Nanofluid thermal performance inside an absorber tube of LFR unit equipped with helical T-shape tape

Abstract

Entropy generation and thermal treatment of nanofluid through a solar unit with turbulent regime was examined in current investigation. To create the solar system, mirrors, trapezoidal cavity and tube have been utilized. The mirrors were situated above the ground with certain angles and tube was equipped with turbulator. Working fluid is homogeneous mixture of H2O-Al2O3 and temperature dependent variables were incorporated. Verification based on empirical correlation depicts the high accuracy of FVM simulation. Irreversibility components and friction resistance as well as Nu and thermal efficiency have been reported in outputs. The active variables are Twist ratio (TR), V·, Width ratio (WR), Tin. Each factor which can augment the secondary flow makes the stronger impingement of fluid with wall and lower Tw appears. Such disruption of boundary layer causes cooling rate to augment. As V·, TR and WR augment, wall temperature reduces about 1.01%, 0.063% and 0.0217%. With rise of TR and WR, pressure drop augments about 25.87% and 10.85%, respectively.

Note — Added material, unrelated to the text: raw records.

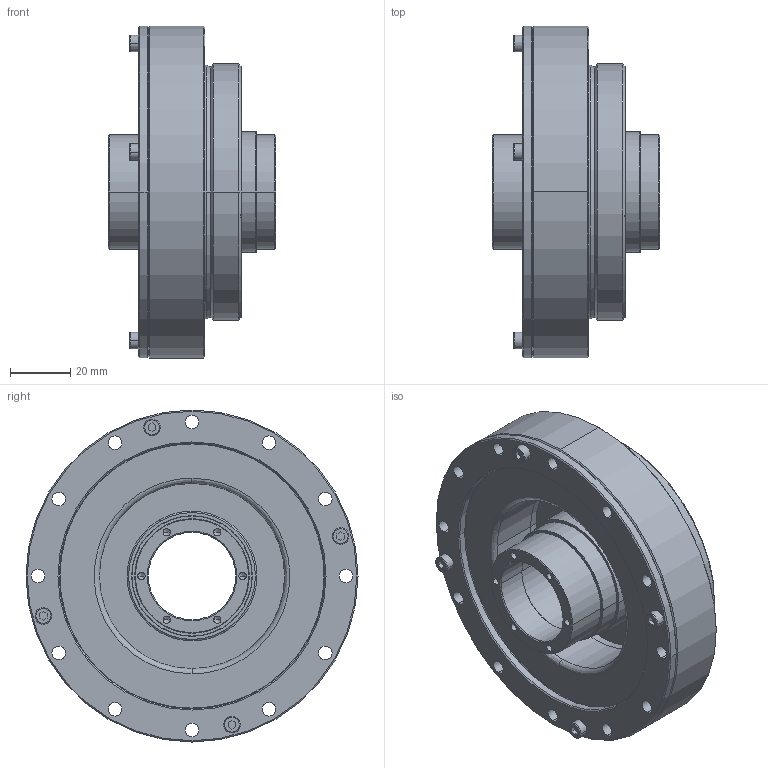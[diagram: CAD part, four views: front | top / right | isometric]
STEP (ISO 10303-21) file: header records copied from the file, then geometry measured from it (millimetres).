
FILE_DESCRIPTION(('STEP AP214'),'1');
FILE_NAME('cctmp_018F10AA-4FC5-43F6-AB8F-BEF2BA6368FD_2025_03_06_11_21_13_0562_65344..stp','2025-03-06T10:21:13',('HIWIN GmbH'),('CADClick - www.CADClick.com'),'Spatial InterOp 3D',' ','unknown authorization');
FILE_SCHEMA(('AUTOMOTIVE_DESIGN'));
Length unit declared in the file: millimetre
Products named in the file (2): DSH-25-XX-PH_FILE; 2025_03_06_11_21_13_0547
Assembly tree (1 placements, depth 2):
  DSH-25-XX-PH_FILE
    2025_03_06_11_21_13_0547
Bounding box: 55.5 x 110 x 110 mm (x, y, z)
Volume: 205763.9 mm3; surface area: 52925.1 mm2
Topology: 1 solids, 1 shells, 394 faces, 952 edges, 580 vertices
Faces by surface type: cylinder 172, plane 102, cone 94, bspline 26
Entity records: 15622 total; most frequent: CARTESIAN_POINT 3220, DIRECTION 2062, ORIENTED_EDGE 1792, EDGE_CURVE 896, AXIS2_PLACEMENT_3D 826, VERTEX_POINT 580, EDGE_LOOP 496, CIRCLE 456
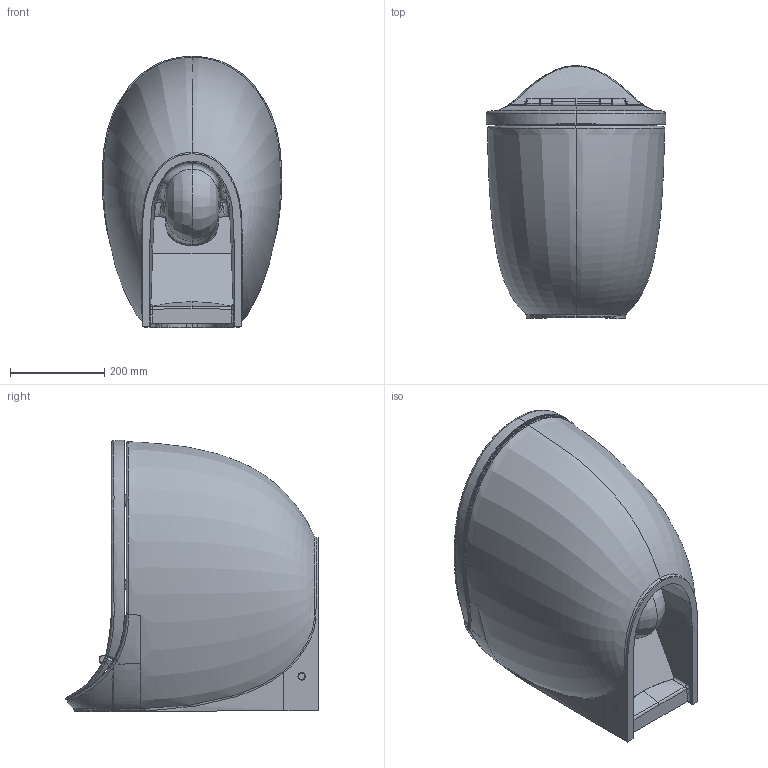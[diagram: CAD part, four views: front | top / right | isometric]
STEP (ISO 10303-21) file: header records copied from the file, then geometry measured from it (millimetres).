
FILE_DESCRIPTION (( 'STEP AP203' ), '1' );
FILE_NAME ('FG350 Model.STEP', '2022-04-01T12:41:27', ( '' ), ( '' ), 'SwSTEP 2.0', 'SolidWorks 2021', '' );
FILE_SCHEMA (( 'CONFIG_CONTROL_DESIGN' ));
Products named in the file (1): FG350 Model
Bounding box: 380.76 x 534.86 x 575.44 mm (x, y, z)
Volume: 36109307.4 mm3; surface area: 2211747.2 mm2
Topology: 32 solids, 37 shells, 2003 faces, 4969 edges, 3079 vertices
Faces by surface type: bspline 951, plane 465, cylinder 385, torus 101, cone 99, sphere 2
Entity records: 268350 total; most frequent: CARTESIAN_POINT 227791, ORIENTED_EDGE 9850, DIRECTION 6489, EDGE_CURVE 4925, VERTEX_POINT 3079, AXIS2_PLACEMENT_3D 2600, EDGE_LOOP 2114, ADVANCED_FACE 2003

Revolution number has greater impact on resistance of fluid than width of the tape. Augment of WR and TR makes friction resistance to augment about 7.46% and 29.68%. Considering greater WR and TR can able to more disturb the boundary layer and Nu can be augmented about 1.5% and 4.54%, respectively. Augmenting TR, WR and Re can reduce the irreversibility which is a pleasant result to obtain more available work. Augment of TR makes Sgen,h to decline by 3.29% while Sgen,f rises about 15.24%. Thermal performance decreases about 23.68% with rise of Tin while it augments about 0.027% and 0.11% with growth of WR and TR, respectively.